= Sylvia Gytha de Lancey Chapman =

Doctor, medical superintendent, welfare worker

Sylvia Gytha de Lancey Chapman (27 November 1896 – 1 September 1995) was a New Zealand medical doctor, medical superintendent and welfare worker.

== Life ==
Chapman was born in Dunedin, New Zealand, on 27 November 1896. She attended school at Woodford House in Havelock North and then Victoria University. She graduated from the University of Otago medical school in 1921. She then worked at Gisborne Hospital followed by general practice in Wellington.

In 1924 she was awarded the LM at the Rotunda Hospital in Dublin. She later gained an MD in 1934 from the University of New Zealand with a thesis on perinatal toxaemia. From 1936 to 1946 she was Medical Superintendent of St Helens Hospital in Wellington.

In addition to her medical practice Chapman was active in many other organisations and committees. In 1936 she served on the committee of inquiry into abortion which produced the MacMillan Report (1937). She then continued on the Committee of Inquiry into Maternity Services in 1937. She was the first woman to be on the senate of the University of New Zealand from 1937 to 1946. From 1929 to 1939 she was national president of the YWCA.
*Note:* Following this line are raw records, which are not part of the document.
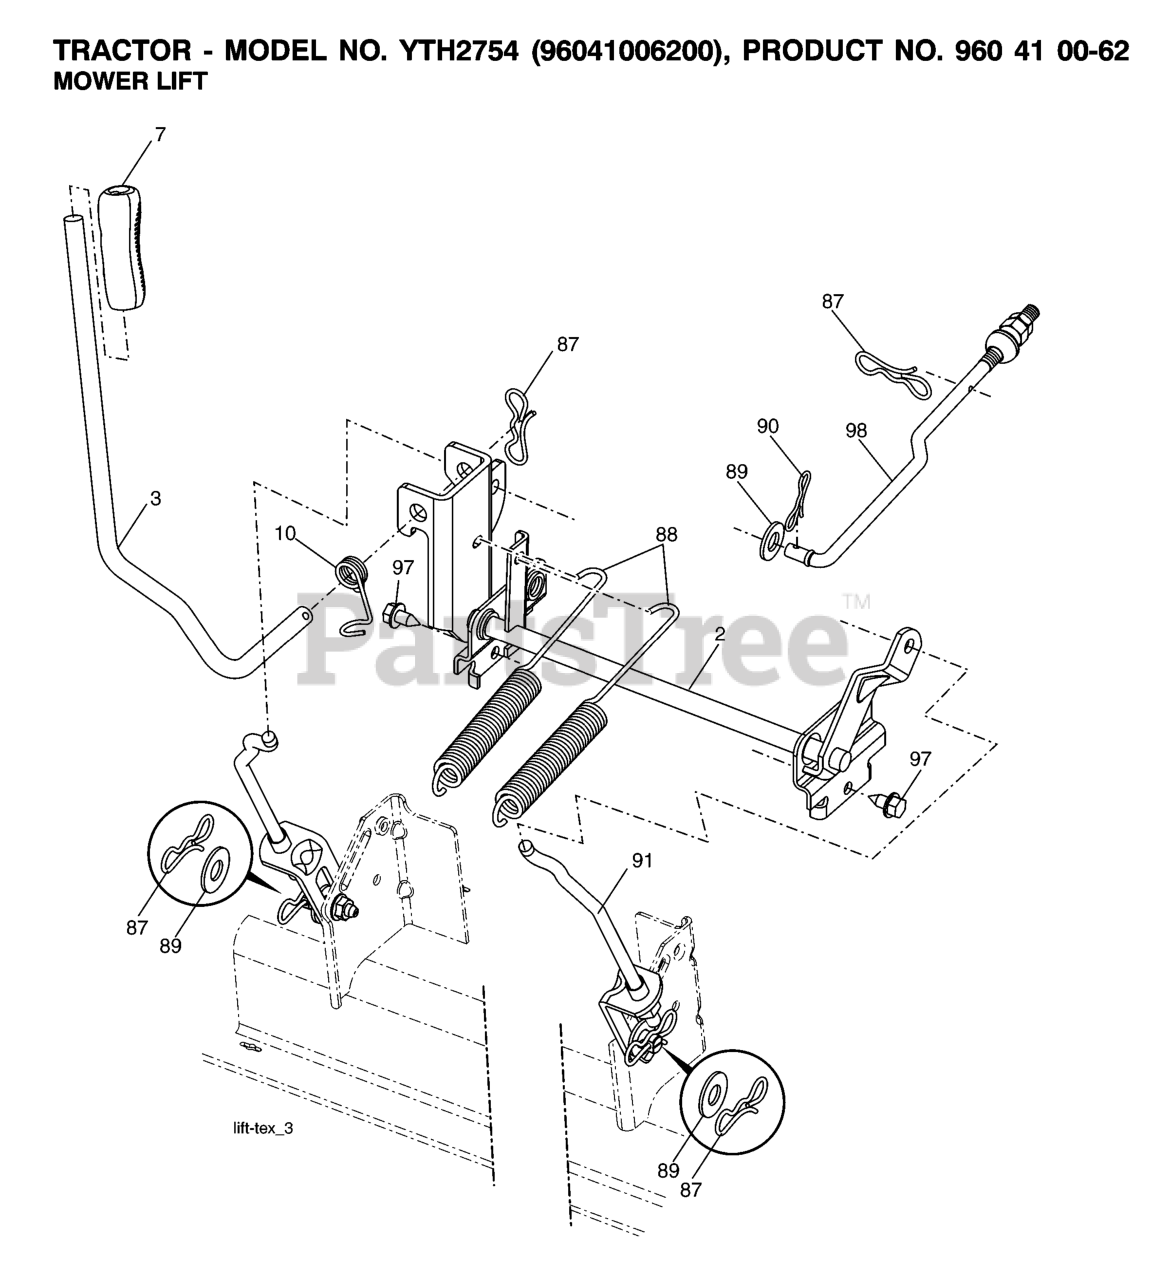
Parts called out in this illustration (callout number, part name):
2	SHAFT.ASM.LIFT.CROSS.H
3	LEVER.LIFT.HANDLE.GT
7	GRIP.HANDLE.LIFT.PVC.BLACK
10	SPRING.TORSION.LIFT.HANDLE
87	PIN.COTTER.7/16.BOW TI.
88	SPRING.LIFT.ASSIST.GT2
89	WASHER.CLEAR.ZINC
90	PIN.COTTER.5/16.BOW TI
91	LINK.ASM.LIFT.54"TG
97	SCREW 3/8-16X3/4
98	LINK.ASM.SUSP.FRONT.MWR.10.5
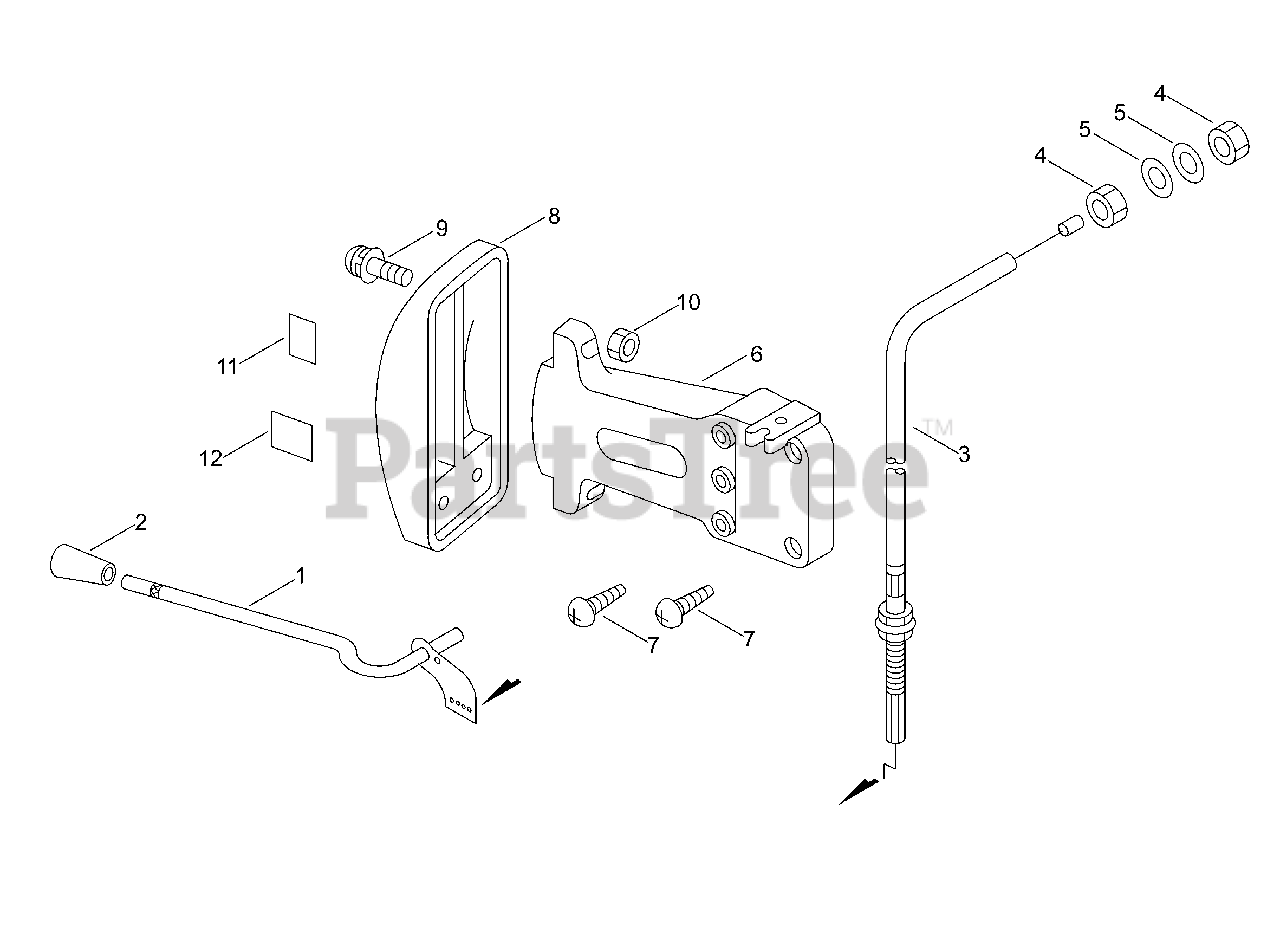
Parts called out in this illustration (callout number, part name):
1	LEVER, THROTTLE
2	KNOB, THROTTLE CONTROL
3	CABLE, THROTTLE
4	NUT 6 MM
5	WASHER 6.5×11.5×0.8
6	BRACKET, DIAL
7	SCREW 5×25 SUS
8	DIAL, METERING
9	SCREW 5×25 SUS
11	LABEL, THROTTLE
12	LABEL, ON-OFF
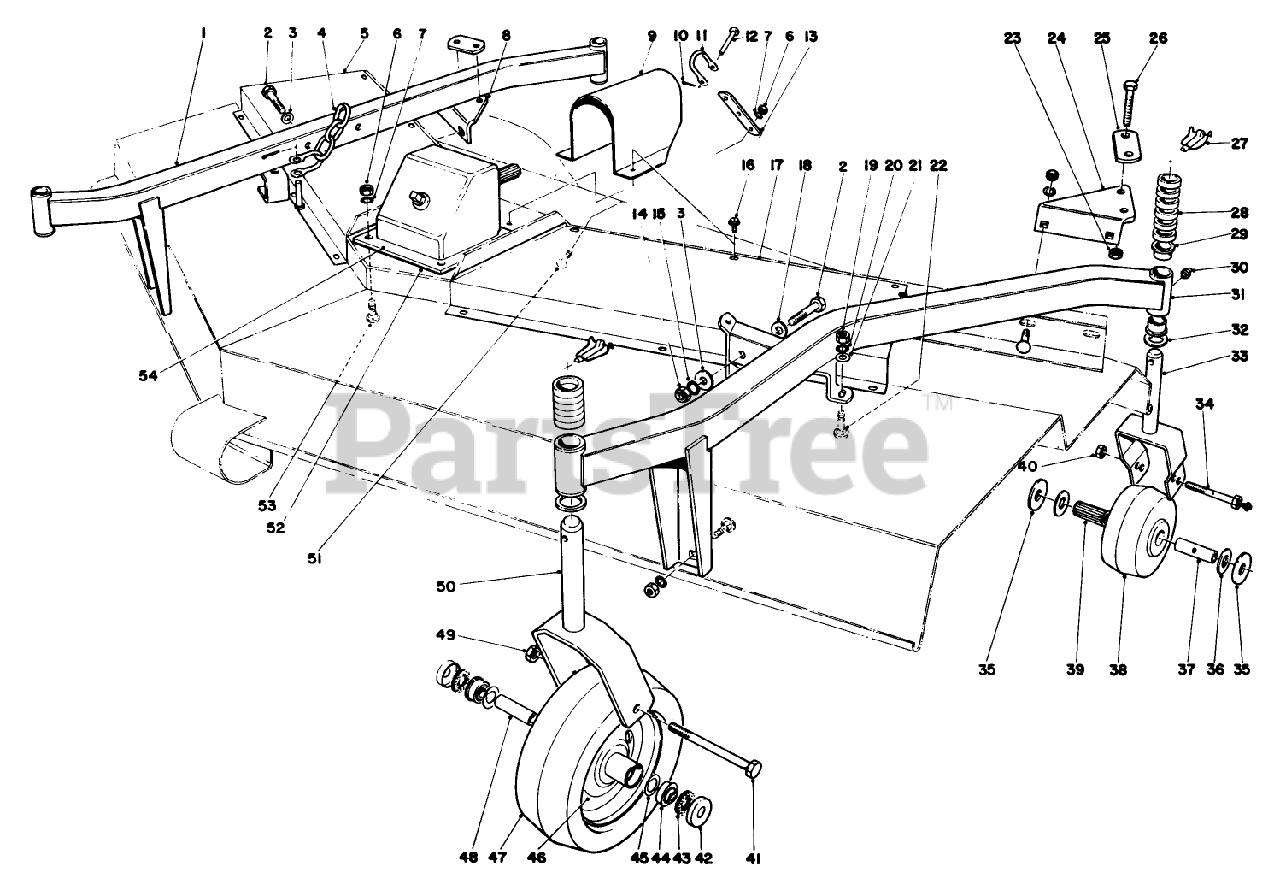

During World War II as president of the YWCA she worked to assist Polish and German refugees who had emigrated to New Zealand. The YWCA was one of the organisations which created a new relief organisation, the New Zealand Council of Organisations for Relief Service Overseas (CORSO). Chapman led a medical team for CORSO in Greece in 1946. Unable to visit Poland when the relief team left Greece she went to England where she was appointed resident obstetrician at Dulwich Hospital in London in 1948. She became the honorary registrar of the newly formed Royal College of General Practitioners from 1953 to 1962.

Chapman retired to Bexhill-on-Sea where she died on 1 September 1995.